Records contained in a dataset
*-*-*

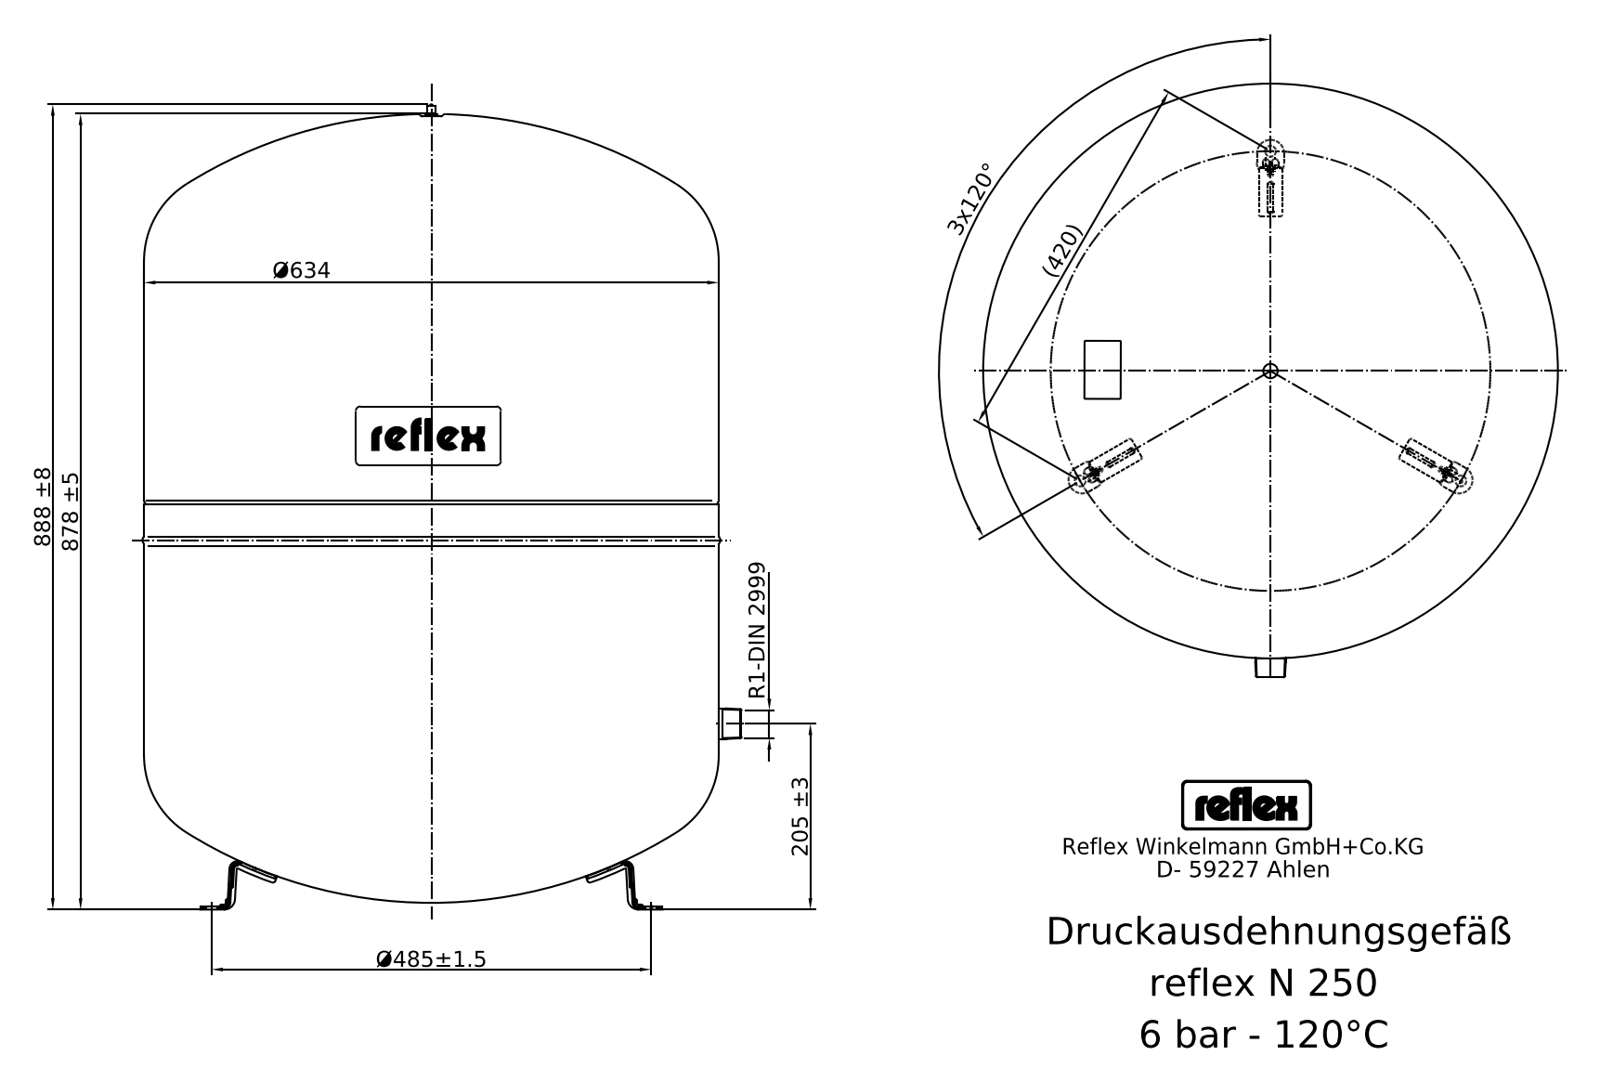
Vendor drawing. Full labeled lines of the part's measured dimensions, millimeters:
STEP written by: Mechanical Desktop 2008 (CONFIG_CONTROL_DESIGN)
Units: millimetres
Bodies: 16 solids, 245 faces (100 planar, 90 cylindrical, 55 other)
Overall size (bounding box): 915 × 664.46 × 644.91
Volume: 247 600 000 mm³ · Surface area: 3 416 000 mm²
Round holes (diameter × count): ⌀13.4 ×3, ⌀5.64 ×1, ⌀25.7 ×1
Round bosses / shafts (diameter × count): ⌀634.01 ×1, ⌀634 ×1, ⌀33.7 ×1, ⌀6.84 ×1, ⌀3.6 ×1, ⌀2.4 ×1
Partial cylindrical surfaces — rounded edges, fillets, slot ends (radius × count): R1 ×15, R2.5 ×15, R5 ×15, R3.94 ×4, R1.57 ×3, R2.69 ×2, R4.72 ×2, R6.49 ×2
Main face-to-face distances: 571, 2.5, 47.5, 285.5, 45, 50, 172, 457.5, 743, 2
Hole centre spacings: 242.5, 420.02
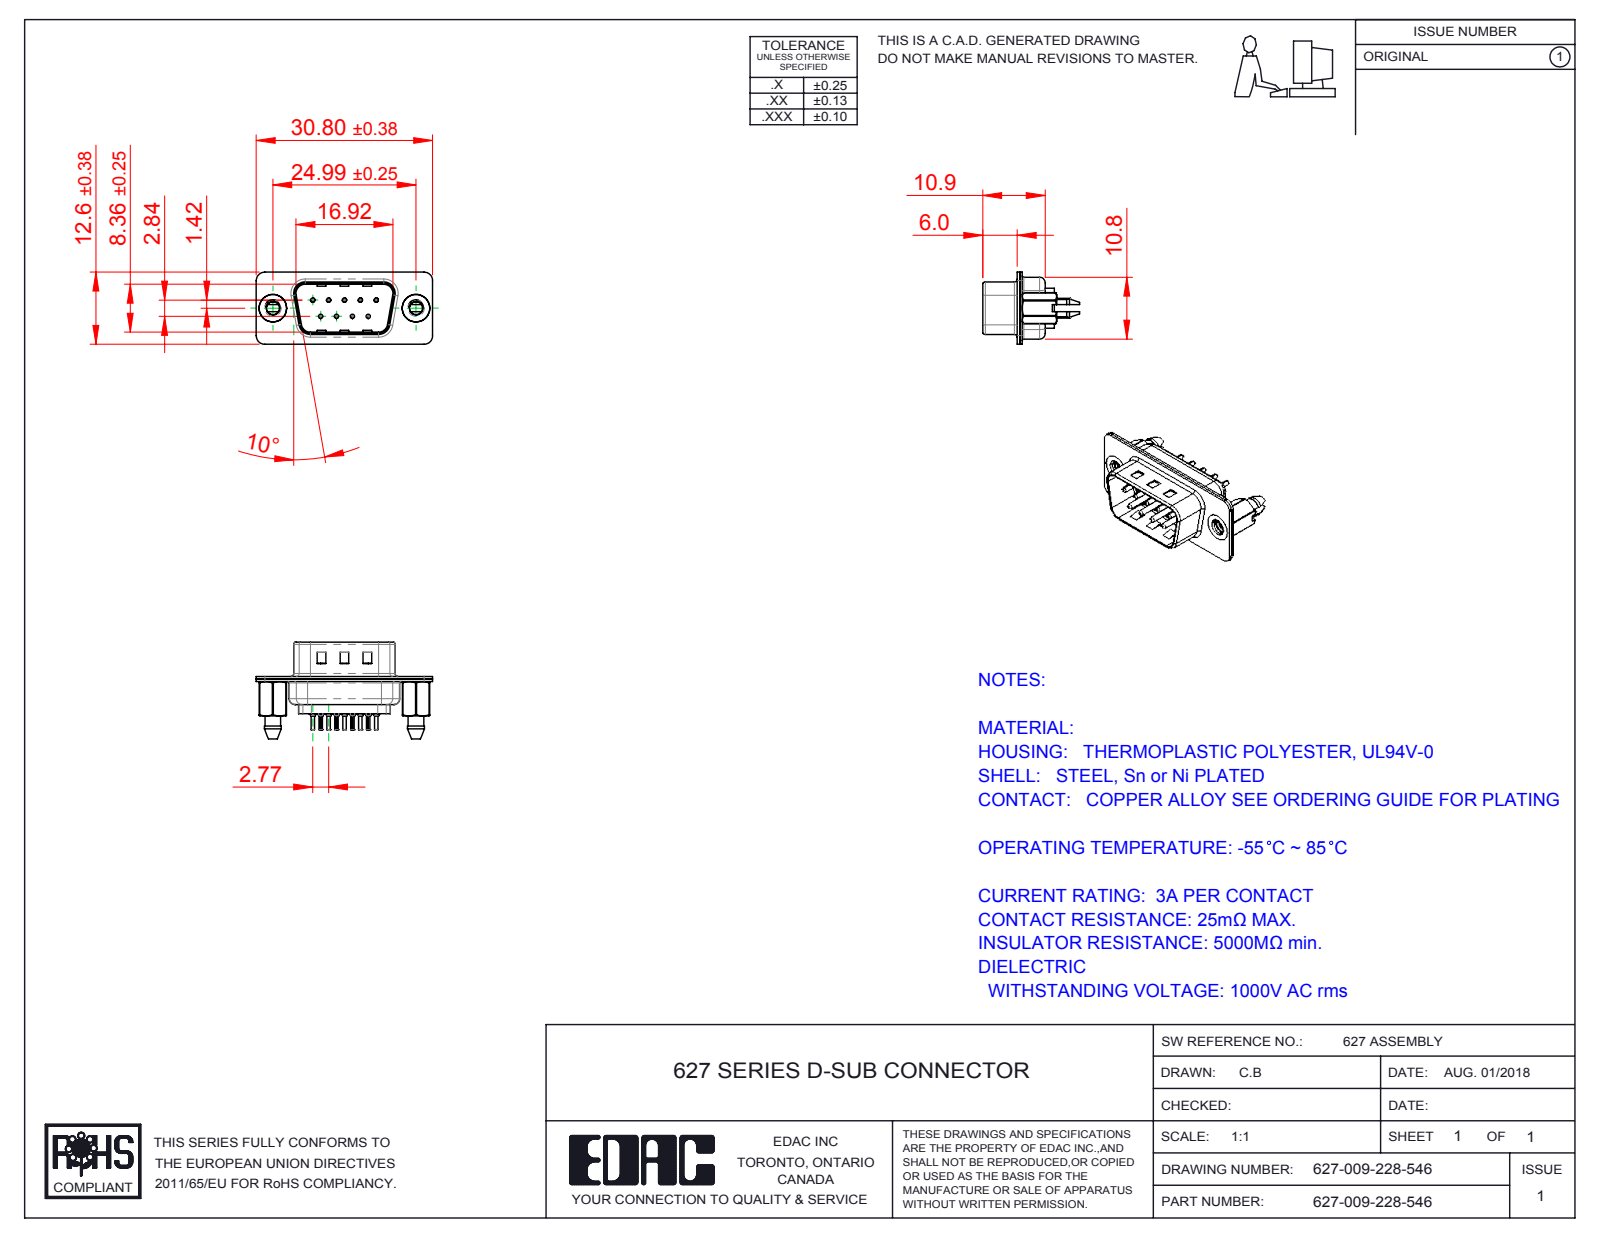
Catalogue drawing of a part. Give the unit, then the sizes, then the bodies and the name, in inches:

*-*-*

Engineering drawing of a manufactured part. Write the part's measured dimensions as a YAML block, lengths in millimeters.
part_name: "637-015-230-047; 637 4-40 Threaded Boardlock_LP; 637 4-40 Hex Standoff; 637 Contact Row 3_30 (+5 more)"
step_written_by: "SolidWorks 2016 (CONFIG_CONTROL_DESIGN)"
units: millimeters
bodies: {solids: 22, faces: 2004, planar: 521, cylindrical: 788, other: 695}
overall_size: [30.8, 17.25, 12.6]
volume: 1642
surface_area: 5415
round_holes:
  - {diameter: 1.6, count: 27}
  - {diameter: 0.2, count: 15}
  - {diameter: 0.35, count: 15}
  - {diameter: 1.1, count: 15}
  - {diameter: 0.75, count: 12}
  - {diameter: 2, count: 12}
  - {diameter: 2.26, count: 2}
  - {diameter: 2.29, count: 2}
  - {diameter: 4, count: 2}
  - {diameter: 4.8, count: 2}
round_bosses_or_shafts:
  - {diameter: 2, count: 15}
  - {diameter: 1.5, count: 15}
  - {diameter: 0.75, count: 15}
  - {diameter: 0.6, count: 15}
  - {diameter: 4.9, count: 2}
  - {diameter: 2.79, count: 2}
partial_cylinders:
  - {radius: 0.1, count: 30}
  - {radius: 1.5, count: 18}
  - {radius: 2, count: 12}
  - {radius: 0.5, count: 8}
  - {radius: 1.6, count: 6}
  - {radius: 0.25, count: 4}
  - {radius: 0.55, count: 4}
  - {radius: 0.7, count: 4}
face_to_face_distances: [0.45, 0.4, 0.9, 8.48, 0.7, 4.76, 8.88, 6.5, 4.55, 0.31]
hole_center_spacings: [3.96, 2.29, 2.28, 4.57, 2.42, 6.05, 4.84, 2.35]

*-*-*

◆ WHAT YOU HAVE TO DO
Copy only these lines from the records above, exactly: the one with "Vendor drawing. Full", the one with "Catalogue drawing of", and those between. Skip the pictures.

◆ TASK RESPONSE
Vendor drawing. Full labeled lines of the part's measured dimensions, millimeters:
STEP written by: Mechanical Desktop 2008 (CONFIG_CONTROL_DESIGN)
Units: millimetres
Bodies: 16 solids, 245 faces (100 planar, 90 cylindrical, 55 other)
Overall size (bounding box): 915 × 664.46 × 644.91
Volume: 247 600 000 mm³ · Surface area: 3 416 000 mm²
Round holes (diameter × count): ⌀13.4 ×3, ⌀5.64 ×1, ⌀25.7 ×1
Round bosses / shafts (diameter × count): ⌀634.01 ×1, ⌀634 ×1, ⌀33.7 ×1, ⌀6.84 ×1, ⌀3.6 ×1, ⌀2.4 ×1
Partial cylindrical surfaces — rounded edges, fillets, slot ends (radius × count): R1 ×15, R2.5 ×15, R5 ×15, R3.94 ×4, R1.57 ×3, R2.69 ×2, R4.72 ×2, R6.49 ×2
Main face-to-face distances: 571, 2.5, 47.5, 285.5, 45, 50, 172, 457.5, 743, 2
Hole centre spacings: 242.5, 420.02
Catalogue drawing of a part. Give the unit, then the sizes, then the bodies and the name, in inches:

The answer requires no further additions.